In our row, we're going to exclude that neighborhoods field because we want to do something specific to it. Here, this might seem super intimidating in terms of what's available within the content variable. If we were just good to go and step through it, we have rows, which is all the different pieces of content available to us within the view. Within the content of that specific row, we have a view key that gives us access to a few different things. If you change the style_plugin and pull in the render_tokens--

Let's take a little bit of a step back in terms of what all is going here with this view. The content that we have available to us is a part of this view key and what we're going to be parsing into it is going to be the Twig markup, that field that views is going to be outputting. In the end, we're going to be calling our field_neighborhoods as a variable, as we see at the very bottom before the endfor. It's the same notation as if you were working directly within a Twig template.
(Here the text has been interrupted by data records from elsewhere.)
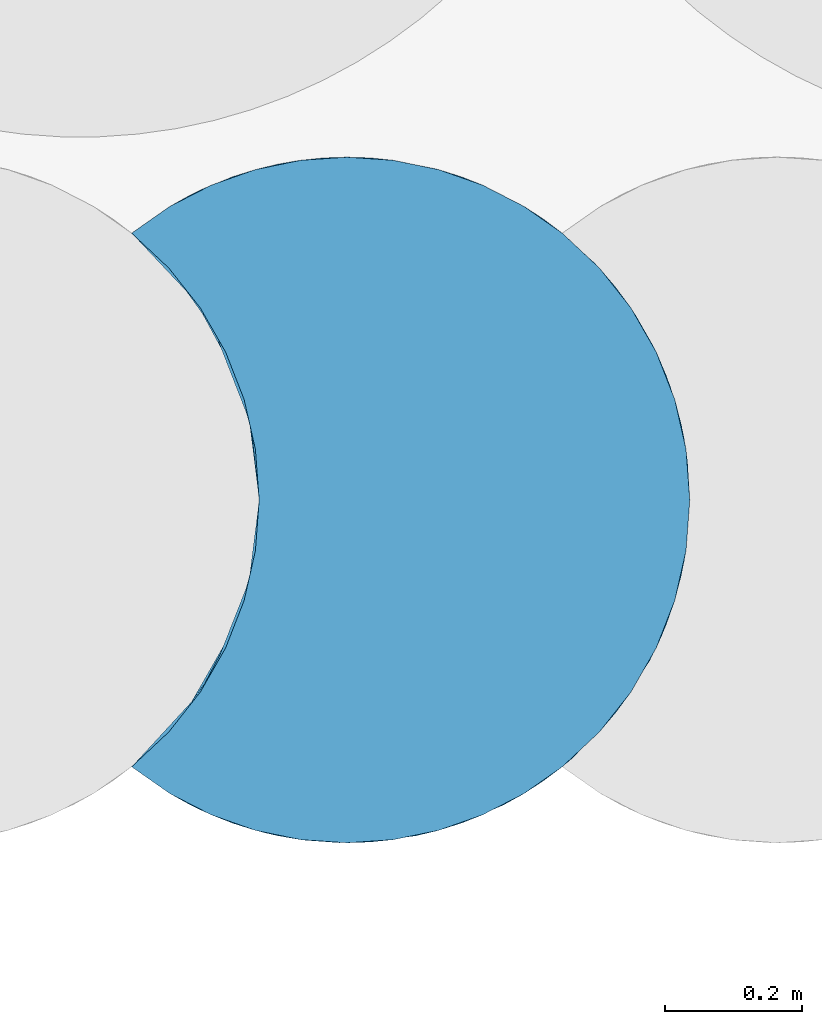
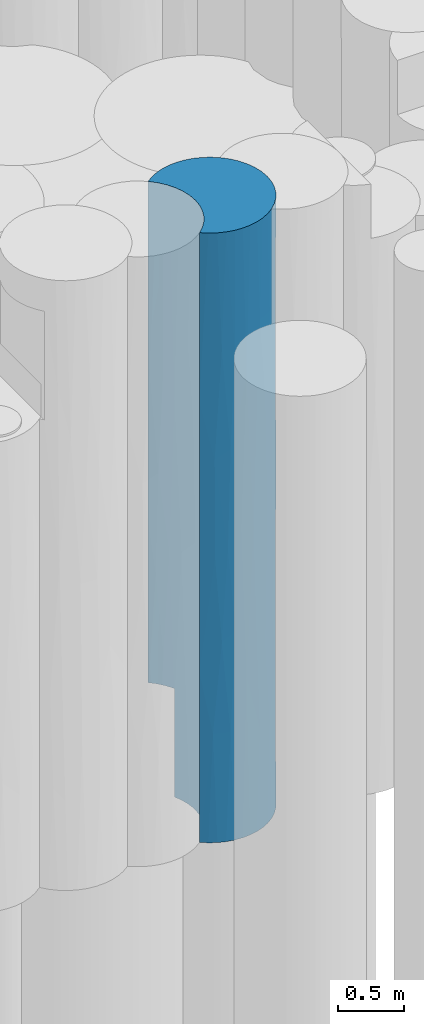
# One storey, part 21 of 104: 1 pile.
"""IFC2X3 building model written with IfcOpenShell, lengths in millimetres."""

from ifc_helpers import new_model, entity, si_unit, converted_unit, derived_unit, direction, frame, origin, place, context, subcontext, project, spatial, faceted_brep, source, transform, mapped, material, element, save


model = new_model("IFC2X3")

# Units and contexts
model_context = context("Model", 3, precision=0.01, world=origin(), true_north=direction((6.12303176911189e-17, 1.0)))
body_context = subcontext(model_context, "Body", "Model", "MODEL_VIEW")
ifc_project = project(units=[si_unit("LENGTHUNIT", "METRE", prefix="MILLI"), si_unit("AREAUNIT", "SQUARE_METRE", prefix="MILLI"), si_unit("VOLUMEUNIT", "CUBIC_METRE"), converted_unit("PLANEANGLEUNIT", "DEGREE", entity("IfcRatioMeasure", 0.0174532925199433), si_unit("PLANEANGLEUNIT", "RADIAN"), dimensions=[0, 0, 0, 0, 0, 0, 0]), si_unit("MASSUNIT", "GRAM", prefix="KILO"), derived_unit("MASSDENSITYUNIT", [(si_unit("MASSUNIT", "GRAM", prefix="KILO"), 1), (si_unit("LENGTHUNIT", "METRE"), -3)]), derived_unit("MOMENTOFINERTIAUNIT", [(si_unit("LENGTHUNIT", "METRE"), 4)]), si_unit("TIMEUNIT", "SECOND"), si_unit("FREQUENCYUNIT", "HERTZ"), si_unit("THERMODYNAMICTEMPERATUREUNIT", "DEGREE_CELSIUS"), derived_unit("THERMALTRANSMITTANCEUNIT", [(si_unit("MASSUNIT", "GRAM", prefix="KILO"), 1), (si_unit("THERMODYNAMICTEMPERATUREUNIT", "KELVIN"), -1), (si_unit("TIMEUNIT", "SECOND"), -3)]), derived_unit("VOLUMETRICFLOWRATEUNIT", [(si_unit("LENGTHUNIT", "METRE"), 3), (si_unit("TIMEUNIT", "SECOND"), -1)]), si_unit("ELECTRICCURRENTUNIT", "AMPERE"), si_unit("ELECTRICVOLTAGEUNIT", "VOLT"), si_unit("POWERUNIT", "WATT"), si_unit("FORCEUNIT", "NEWTON", prefix="KILO"), si_unit("ILLUMINANCEUNIT", "LUX"), si_unit("LUMINOUSFLUXUNIT", "LUMEN"), si_unit("LUMINOUSINTENSITYUNIT", "CANDELA"), derived_unit("USERDEFINED", [(si_unit("MASSUNIT", "GRAM", prefix="KILO"), -1), (si_unit("LENGTHUNIT", "METRE"), -2), (si_unit("TIMEUNIT", "SECOND"), 3), (si_unit("LUMINOUSFLUXUNIT", "LUMEN"), 1)]), derived_unit("LINEARVELOCITYUNIT", [(si_unit("LENGTHUNIT", "METRE"), 1), (si_unit("TIMEUNIT", "SECOND"), -1)]), si_unit("PRESSUREUNIT", "PASCAL"), derived_unit("USERDEFINED", [(si_unit("LENGTHUNIT", "METRE"), -2), (si_unit("MASSUNIT", "GRAM", prefix="KILO"), 1), (si_unit("TIMEUNIT", "SECOND"), -2)]), derived_unit("LINEARFORCEUNIT", [(si_unit("MASSUNIT", "GRAM", prefix="KILO"), 1), (si_unit("LENGTHUNIT", "METRE"), 1), (si_unit("TIMEUNIT", "SECOND"), -2), (si_unit("LENGTHUNIT", "METRE"), -1)]), derived_unit("PLANARFORCEUNIT", [(si_unit("MASSUNIT", "GRAM", prefix="KILO"), 1), (si_unit("LENGTHUNIT", "METRE"), 1), (si_unit("TIMEUNIT", "SECOND"), -2), (si_unit("LENGTHUNIT", "METRE"), -2)])], contexts=[model_context])

# Site, building, storey
site_placement = place(None, origin())
site = spatial("IfcSite", under=ifc_project, at=site_placement, Name="Theater aan de Parade", CompositionType="ELEMENT")
building_placement = place(site_placement, origin())
building = spatial("IfcBuilding", under=site, at=building_placement, Name="Theater aan de Parade", CompositionType="ELEMENT")
storey_placement = place(building_placement, frame((0.0, 0.0, -5520.0)))
storey = spatial("IfcBuildingStorey", under=building, at=storey_placement, Name="-2 kelder", CompositionType="ELEMENT", Elevation=-5520.0)

# Pile
ifc_material = material(Name="00_PBT_MAT_grout")
shared_shape = source(origin(), body_context, "Body", "Brep", [
    faceted_brep([(786.691195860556, 669.132225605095, 0.0), (802.676759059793, 614.518366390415, 0.0), (812.351470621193, 558.457204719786, 0.0), (815.595272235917, 501.595272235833, 0.0), (810.081014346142, 427.542244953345, 0.0), (793.660970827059, 355.126204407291, 0.0), (766.697585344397, 285.941143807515, 0.0), (729.786240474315, 221.513423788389, 0.0), (683.741416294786, 163.263457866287, 0.0), (629.573708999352, 112.471523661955, 0.0), (574.005639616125, 73.5484499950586, 0.0), (513.679312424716, 42.5062688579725, 0.0), (449.710167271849, 19.9177920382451, 0.0), (383.274865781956, 6.19697528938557, 0.0), (315.594989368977, 1.5952722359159, 0.0), (247.914799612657, 6.1970953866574, 0.0), (181.478594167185, 19.9182884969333, 0.0), (117.508224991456, 42.5075663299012, 0.0), (57.1823898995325, 73.5499682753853, 0.0), (1.5952722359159, 112.48860305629, 0.0), (55.7556313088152, 163.278926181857, 0.0), (101.79731605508, 221.529803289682, 0.0), (138.705014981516, 285.956685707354, 0.0), (165.664839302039, 355.138831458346, 0.0), (182.082270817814, 427.550635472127, 0.0), (187.595272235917, 501.595272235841, 0.0), (184.351856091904, 558.453837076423, 0.0), (174.676819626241, 614.518105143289, 0.0), (158.690674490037, 669.133691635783, 0.0), (136.59415864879, 721.595272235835, 0.0), (764.59415864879, 721.595272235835, 0.0), (803.850629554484, 609.329695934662, 1098.76743153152), (764.59415864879, 721.595272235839, 1000.0), (737.011343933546, 770.683537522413, 3350.65346789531), (761.366388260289, 728.064060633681, 2530.55329258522), (706.349146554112, 813.543039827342, 2504.57977053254), (815.595272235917, 501.595272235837, 2810.0), (815.595272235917, 501.595272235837, 1561.53772504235), (796.033905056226, 640.082528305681, 2185.7688370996), (446.597837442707, 984.128512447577, 3310.00430009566), (349.517904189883, 1000.44320000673, 3309.99592035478), (349.513057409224, 1000.44352957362, 4486.05467823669), (769.150938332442, 712.040651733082, 4647.38674584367), (803.217150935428, 612.161557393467, 4576.62228276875), (781.46536187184, 683.158097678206, 3717.05793522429), (315.598129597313, 1001.59527222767, 1000.0), (247.914247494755, 996.993373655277, 1000.0), (281.678049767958, 1000.44356783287, 2218.17509402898), (449.710166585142, 983.272752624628, 5620.0), (482.078281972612, 973.064685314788, 4149.15755263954), (602.467115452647, 911.112726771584, 2133.92442127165), (682.65649192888, 841.103830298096, 1000.0), (629.595272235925, 890.70194141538, 1000.0), (513.689946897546, 960.679686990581, 1000.0), (482.088212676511, 973.0611785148, 2470.89044496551), (683.741416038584, 839.92708688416, 5620.0), (707.846598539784, 811.658003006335, 4209.01499249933), (602.455926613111, 911.120564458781, 4486.06498501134), (574.01643850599, 929.635575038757, 1000.0), (727.977154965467, 784.333990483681, 1000.0), (214.463722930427, 991.260882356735, 4202.53769453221), (102.916724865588, 954.108073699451, 3914.33240845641), (86.8181886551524, 946.186147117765, 4787.72189773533), (807.681109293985, 590.204126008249, 3711.95947289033), (810.081014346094, 575.648299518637, 5620.0), (793.660970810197, 648.064340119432, 5620.0), (602.467114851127, 911.112727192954, 3309.99087476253), (766.697585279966, 717.249400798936, 5620.0), (729.78624032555, 781.677120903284, 5620.0), (1.5952722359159, 890.701941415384, 2561.5317559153), (1.5952722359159, 890.70194141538, 4123.06351183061), (182.78208985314, 983.633298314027, 2000.73200514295), (181.474504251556, 983.27111717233, 1000.0), (574.005639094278, 929.642094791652, 5620.0), (629.583826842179, 890.711177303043, 5620.0), (247.914799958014, 996.993449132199, 5620.0), (315.594989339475, 1001.59527223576, 5620.0), (676.678426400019, 847.455006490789, 3303.46444704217), (382.28647146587, 997.127596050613, 2412.9147865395), (449.719299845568, 983.270209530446, 1000.0), (383.281381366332, 996.992679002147, 1000.0), (815.595272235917, 501.595272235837, 5620.0), (815.595272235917, 501.595272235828, 4215.0), (815.595272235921, 501.595272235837, 4058.46227495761), (1.5952722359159, 890.70194141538, 5620.0), (57.1823902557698, 929.640576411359, 5620.0), (149.104149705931, 973.061820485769, 2892.10046095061), (243.892809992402, 996.427321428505, 3268.07195479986), (86.8102220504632, 946.182047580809, 2023.19420083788), (117.501033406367, 960.679875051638, 1000.0), (513.679311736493, 960.684275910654, 5620.0), (1.59527223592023, 890.701941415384, 1000.0), (117.50822549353, 960.682978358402, 5620.0), (383.274865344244, 996.993569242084, 5620.0), (57.1737559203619, 929.635363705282, 1000.0), (181.478594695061, 983.27225612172, 5620.0), (815.595272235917, 501.595272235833, 1405.0), (214.463722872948, 11.9296621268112, 1001.60366220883), (808.009902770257, 414.83219462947, 1847.98448740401), (792.434434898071, 351.181134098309, 2810.0), (86.8181884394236, 57.0043974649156, 1001.60823295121), (349.513058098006, 2.74701494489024, 1456.93127707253), (98.4515162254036, 51.2081174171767, 3529.640561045), (1.5952722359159, 112.488603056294, 4058.45131446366), (1.59527223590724, 112.488603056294, 3123.07163140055), (249.701943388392, 5.95622089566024, 4503.82682990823), (149.109845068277, 30.1267127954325, 4541.99463838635), (214.463723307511, 11.9296620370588, 3609.13851701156), (781.46536321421, 320.032450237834, 1716.18295604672), (707.846599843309, 191.532543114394, 2810.0), (707.846599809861, 191.532543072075, 1367.61085804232), (482.078283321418, 30.1258596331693, 920.01739942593), (602.45592774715, 92.0699808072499, 920.031773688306), (638.186458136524, 119.580970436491, 1901.05779753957), (544.369594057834, 57.0029762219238, 1664.68203221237), (810.081014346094, 427.542244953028, 5620.0), (803.217151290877, 391.0289886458, 4660.00032120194), (57.1823902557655, 73.5499680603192, 5620.0), (117.50822549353, 42.5075661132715, 5620.0), (149.109844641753, 30.1267129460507, 1845.00481116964), (254.091028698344, 5.39246286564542, 1927.06357322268), (602.455927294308, 92.0699804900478, 4699.96822715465), (482.078282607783, 30.1258593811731, 4699.98260157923), (544.36959341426, 57.0029758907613, 3955.31797055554), (683.741416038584, 163.263457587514, 5620.0), (629.583826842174, 112.479367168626, 5620.0), (181.478594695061, 19.9182883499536, 5620.0), (101.111523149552, 49.9353101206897, 2619.91457111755), (1.59527223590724, 112.488603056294, 1561.52294586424), (773.711306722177, 301.271287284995, 4758.76160589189), (781.465363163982, 320.03245010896, 3903.81704454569), (1.59527223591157, 112.488603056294, 5620.0), (383.274865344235, 6.19697522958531, 5620.0), (315.594989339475, 1.5952722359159, 5620.0), (349.513057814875, 2.74701492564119, 4251.72331694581), (247.914799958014, 6.19709533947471, 5620.0), (808.009902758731, 414.832194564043, 3772.01551167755), (773.711306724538, 301.271287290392, 861.238394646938), (446.449233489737, 19.0217122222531, 1841.02651395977), (445.214515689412, 18.6886024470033, 3769.12880331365), (793.660970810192, 355.126204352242, 5620.0), (766.697585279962, 285.941143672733, 5620.0), (803.21715130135, 391.028988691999, 959.999678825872), (304.342544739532, 1.72191214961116, 2858.50339849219), (193.948211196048, 16.6189918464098, 2685.15587669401), (513.679311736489, 42.50626856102, 5620.0), (449.710166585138, 19.9177918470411, 5620.0), (574.005639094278, 73.5484496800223, 5620.0), (416.72548107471, 11.9293852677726, 2810.0), (571.530120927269, 72.0637213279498, 2810.0), (707.846599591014, 191.532542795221, 4252.38914051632), (729.786240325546, 221.513423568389, 5620.0), (757.411397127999, 267.504452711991, 3167.42466505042), (638.186457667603, 119.580970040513, 3718.94220097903), (645.147285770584, 125.569381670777, 2737.35178432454), (1.59527223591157, 112.48860305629, 2496.92458727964), (55.7556313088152, 839.911618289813, 5620.0), (101.79731605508, 781.660741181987, 5620.0), (138.705014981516, 717.233858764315, 5620.0), (165.664839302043, 648.051713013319, 5620.0), (182.082270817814, 575.639908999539, 5620.0), (187.595272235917, 501.595272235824, 5620.0), (182.08227081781, 427.550635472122, 5620.0), (165.664839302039, 355.138831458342, 5620.0), (138.705014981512, 285.95668570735, 5620.0), (101.79731605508, 221.529803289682, 5620.0), (55.7556313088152, 163.278926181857, 5620.0), (136.59415864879, 721.595272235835, 1000.0), (172.12200841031, 625.020723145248, 2185.76883889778), (119.427502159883, 753.628851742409, 2433.42986645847), (175.219548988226, 612.150980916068, 4576.67015981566), (187.595272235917, 501.595272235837, 4058.46227468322), (187.595272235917, 501.595272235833, 4839.23114702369), (175.896633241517, 609.120993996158, 1097.45129906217), (94.6291822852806, 791.980182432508, 3512.63833996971), (153.470887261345, 683.143919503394, 3717.14064093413), (121.448734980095, 750.133343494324, 4576.67015594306), (187.595272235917, 501.595272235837, 2810.0), (187.595272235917, 501.595272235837, 1561.53772531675), (63.9162977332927, 830.810225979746, 1978.06996583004), (179.682000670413, 590.199175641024, 3712.09113047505), (61.853358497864, 833.153539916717, 4677.61981977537), (99.9793152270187, 784.330839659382, 1000.0), (54.6608621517, 841.09910535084, 1000.0), (187.595272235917, 501.595272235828, 780.768852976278), (187.595272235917, 501.595272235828, 3123.07541190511), (174.669644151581, 388.641493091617, 3590.76885291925), (179.684618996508, 413.005911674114, 1171.15327929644), (153.470888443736, 320.046628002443, 4528.23196711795), (178.678003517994, 407.585958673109, 4768.20537871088), (79.8592440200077, 191.548539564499, 992.298435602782), (153.470888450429, 320.046628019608, 992.298435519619), (172.048086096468, 377.879989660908, 2161.96816482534), (101.213610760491, 220.668466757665, 4584.62325484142), (121.448735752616, 253.057202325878, 3610.51128799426), (121.448735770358, 253.057202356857, 1789.11083026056), (68.3744799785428, 177.547135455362, 3047.10534667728), (64.7189653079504, 173.300099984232, 2029.23114692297), (121.049079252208, 252.360850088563, 2699.81105912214)], [[[0, 1, 2, 3, 4, 5, 6, 7, 8, 9, 10, 11, 12, 13, 14, 15, 16, 17, 18, 19, 20, 21, 22, 23, 24, 25, 26, 27, 28, 29, 30]], [[31, 0, 32]], [[33, 34, 35]], [[36, 37, 38]], [[39, 40, 41]], [[38, 37, 31]], [[42, 43, 44]], [[45, 46, 47]], [[48, 49, 41]], [[50, 51, 52]], [[53, 54, 50]], [[55, 56, 57]], [[50, 35, 51]], [[52, 58, 50]], [[0, 30, 32]], [[32, 59, 34]], [[35, 34, 59]], [[60, 61, 62]], [[43, 63, 44]], [[3, 2, 31]], [[64, 43, 65]], [[56, 42, 33]], [[54, 66, 50]], [[42, 65, 43]], [[35, 59, 51]], [[42, 67, 65]], [[67, 42, 68]], [[61, 69, 70]], [[71, 46, 72]], [[73, 74, 57]], [[41, 75, 76]], [[2, 1, 31]], [[77, 57, 56]], [[78, 79, 80]], [[43, 81, 82, 83]], [[79, 54, 53]], [[56, 55, 68]], [[78, 80, 45]], [[84, 85, 62]], [[45, 47, 78]], [[78, 47, 40]], [[86, 87, 71]], [[87, 86, 60]], [[88, 71, 89]], [[0, 31, 1]], [[39, 66, 54]], [[57, 90, 73]], [[71, 88, 86]], [[77, 56, 33]], [[69, 88, 91]], [[85, 92, 62]], [[50, 58, 53]], [[41, 49, 39]], [[57, 74, 55]], [[90, 49, 48]], [[93, 41, 76]], [[50, 66, 77]], [[41, 93, 48]], [[60, 75, 41]], [[86, 61, 60]], [[94, 88, 89]], [[69, 86, 88]], [[91, 88, 94]], [[95, 75, 60]], [[41, 40, 87]], [[95, 60, 62]], [[49, 57, 66]], [[81, 43, 64]], [[49, 90, 57]], [[63, 43, 83]], [[47, 71, 87]], [[63, 38, 44]], [[46, 71, 47]], [[89, 71, 72]], [[33, 42, 44]], [[68, 42, 56]], [[83, 36, 63]], [[38, 63, 36]], [[38, 31, 32]], [[31, 37, 96, 3]], [[66, 39, 49]], [[78, 39, 54]], [[69, 61, 86]], [[84, 62, 70]], [[62, 92, 95]], [[70, 62, 61]], [[41, 87, 60]], [[47, 87, 40]], [[34, 44, 38]], [[77, 33, 35]], [[44, 34, 33]], [[32, 34, 38]], [[50, 77, 35]], [[77, 66, 57]], [[39, 78, 40]], [[78, 54, 79]], [[97, 16, 15]], [[98, 36, 99]], [[97, 100, 17]], [[14, 97, 15]], [[14, 13, 101]], [[102, 103, 104]], [[105, 106, 107]], [[108, 109, 110]], [[12, 111, 13]], [[112, 113, 114]], [[97, 14, 101]], [[115, 116, 81]], [[117, 106, 118]], [[11, 111, 12]], [[119, 97, 120]], [[10, 111, 11]], [[121, 122, 123]], [[124, 125, 121]], [[106, 126, 118]], [[127, 128, 119]], [[129, 130, 116]], [[117, 131, 103]], [[132, 133, 134]], [[126, 106, 105]], [[17, 16, 97]], [[110, 8, 7]], [[105, 133, 135]], [[136, 82, 116]], [[122, 132, 134]], [[137, 6, 5]], [[112, 111, 10]], [[120, 97, 101]], [[111, 138, 101]], [[139, 123, 122]], [[111, 112, 114]], [[105, 107, 134]], [[137, 7, 6]], [[106, 102, 107]], [[140, 141, 129]], [[36, 136, 99]], [[142, 5, 4]], [[100, 97, 119]], [[137, 142, 108]], [[143, 144, 120]], [[143, 134, 107]], [[137, 5, 142]], [[122, 145, 146]], [[112, 8, 110]], [[112, 10, 9]], [[145, 122, 147]], [[122, 121, 147]], [[17, 100, 18]], [[148, 138, 149]], [[125, 147, 121]], [[124, 150, 151]], [[151, 150, 129]], [[140, 116, 115]], [[152, 108, 99]], [[116, 140, 129]], [[121, 153, 150]], [[103, 106, 117]], [[114, 113, 149]], [[96, 142, 3]], [[81, 116, 82]], [[18, 100, 19]], [[152, 150, 109]], [[144, 102, 127]], [[119, 128, 100]], [[19, 100, 128]], [[138, 111, 114]], [[13, 111, 101]], [[8, 112, 9]], [[113, 112, 110]], [[132, 122, 146]], [[139, 148, 149]], [[153, 121, 123]], [[124, 121, 150]], [[136, 116, 130]], [[3, 142, 4]], [[98, 142, 96]], [[110, 109, 113]], [[150, 153, 109]], [[154, 149, 113]], [[149, 123, 139]], [[123, 149, 153]], [[153, 149, 154]], [[122, 134, 139]], [[134, 148, 139]], [[103, 102, 106]], [[144, 127, 119]], [[149, 138, 114]], [[148, 101, 138]], [[143, 101, 148]], [[144, 119, 120]], [[120, 101, 143]], [[102, 144, 107]], [[134, 143, 148]], [[107, 144, 143]], [[102, 104, 127]], [[127, 104, 155, 128]], [[99, 136, 130]], [[136, 36, 83, 82]], [[98, 96, 37, 36]], [[152, 99, 130]], [[108, 142, 98]], [[99, 108, 98]], [[151, 129, 141]], [[150, 130, 129]], [[108, 110, 137]], [[7, 137, 110]], [[133, 105, 134]], [[126, 105, 135]], [[150, 152, 130]], [[108, 152, 109]], [[113, 109, 154]], [[153, 154, 109]], [[90, 48, 93, 76, 75, 95, 92, 85, 84, 156, 157, 158, 159, 160, 161, 162, 163, 164, 165, 166, 131, 117, 118, 126, 135, 133, 132, 146, 145, 147, 125, 124, 151, 141, 140, 115, 81, 64, 65, 67, 68, 55, 74, 73]], [[167, 168, 169]], [[170, 171, 172, 161]], [[173, 27, 26]], [[174, 175, 176]], [[70, 69, 174]], [[25, 173, 26]], [[177, 168, 178]], [[170, 176, 175]], [[157, 176, 158]], [[179, 174, 69]], [[170, 175, 180]], [[180, 175, 168]], [[167, 28, 173]], [[169, 175, 174]], [[181, 156, 84]], [[173, 168, 167]], [[169, 182, 167]], [[183, 182, 179]], [[70, 174, 181]], [[181, 176, 157]], [[160, 159, 170]], [[179, 69, 91]], [[171, 170, 180]], [[170, 158, 176]], [[158, 170, 159]], [[160, 170, 161]], [[179, 169, 174]], [[28, 167, 29]], [[173, 178, 168]], [[156, 181, 157]], [[169, 168, 175]], [[173, 25, 184, 178]], [[28, 27, 173]], [[180, 177, 185, 171]], [[177, 180, 168]], [[169, 179, 182]], [[183, 179, 91]], [[176, 181, 174]], [[70, 181, 84]], [[185, 186, 171]], [[184, 24, 187]], [[188, 163, 189]], [[190, 20, 19]], [[22, 21, 190, 191]], [[21, 20, 190]], [[186, 185, 192]], [[166, 193, 103]], [[193, 188, 194]], [[189, 171, 186]], [[191, 195, 192]], [[191, 192, 187]], [[188, 193, 164]], [[162, 172, 189]], [[184, 25, 24]], [[161, 172, 162]], [[188, 164, 163]], [[166, 103, 131]], [[164, 193, 165]], [[155, 196, 197]], [[23, 187, 24]], [[23, 22, 191]], [[190, 195, 191]], [[196, 155, 104, 103]], [[197, 128, 155]], [[195, 190, 197]], [[128, 190, 19]], [[186, 194, 188]], [[186, 192, 198]], [[192, 185, 177, 178]], [[194, 186, 198]], [[128, 197, 190]], [[194, 198, 196]], [[195, 197, 198]], [[193, 194, 196]], [[165, 193, 166]], [[103, 193, 196]], [[196, 198, 197]], [[195, 198, 192]], [[172, 171, 189]], [[162, 189, 163]], [[188, 189, 186]], [[178, 184, 187]], [[178, 187, 192]], [[23, 191, 187]], [[94, 89, 72, 46, 45, 80, 79, 53, 58, 52, 51, 59, 32, 167, 182, 183, 91]], [[167, 32, 30, 29]]]),
])
pile_placement = place(storey_placement, frame((36522.2628578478, 22160.7721311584, -3840.0)))
element("IfcPile", 1, at=pile_placement, inside=storey, material=ifc_material, Name="17_PBT_SFO_grondkering_rond:Ø1000 (grondkering)", ObjectType="17_PBT_SFO_grondkering_rond:Ø1000 (grondkering)", PredefinedType="NOTDEFINED", context=body_context, shape_type="MappedRepresentation", body=[
    mapped(shared_shape, transform((0.0, 0.0, 0.0), scale=1.0)),
])

save(model, "model.ifc")

You have to have the double curly braces on both sides. It's a bit different because with a lot of how we would work with these things, you would think that you could just parse in the name of the field in and of itself without the curly braces but that doesn't work since we're calling render_tokens before that.

Now, the loop.index0 means what key or what number of row you're outputting. It starts at zero, one, two, three. All it's doing is just making sure that it is iterating through each and every row available to us. The style_plugin is what allows us how to access this content.

Now, there's a really handy contributing module. The way that we talked about everything so far is just, if you would download Drupal 8, install it out of the box, work with some of the default things or check out any of those things, that's how you'd approach it. There's a contributing module called twig_field_value, and it gives us these various specific filters where, instead of having to dig through the content variable, instead of having to dig through these things, we can parse in filters on these fields in order to output the content that we want.

We have field_label. It's all very straightforward in terms of what it's doing. It returns the label. The value just returns your field value without any of the wrappers, without any of the devs or things that are associated with them. We have field-raw, which is just the straight raw value that's being stored within your database. Then we have the special one called field_target_entity. Now, this returns your referenced object of a field. Now, keep this target entity in mind because it will come in useful in the next few slides.

We're talking about our neighborhoods field once again. Using twig_field_value, we can get the label and we can get that value, and get the output that we desire to get. We just see neighborhoods, we see that we are in Lincoln Park. It's very straightforward in terms of doing that. It's a matter of preference in terms of how you do it yourself. If you're working by yourself with Twig, or you want to approach this thing.

I know that this can be contentious with development teams in terms of some teams might not want to use this contributing module or have that dependency with the projects that they're on, so it's a discussion you need to have. Some people might feel comfortable with Twig using these filters instead of the dot notation to get the values that we're looking for, but I would lobby in the sense that you could do both. They're not mutually exclusive.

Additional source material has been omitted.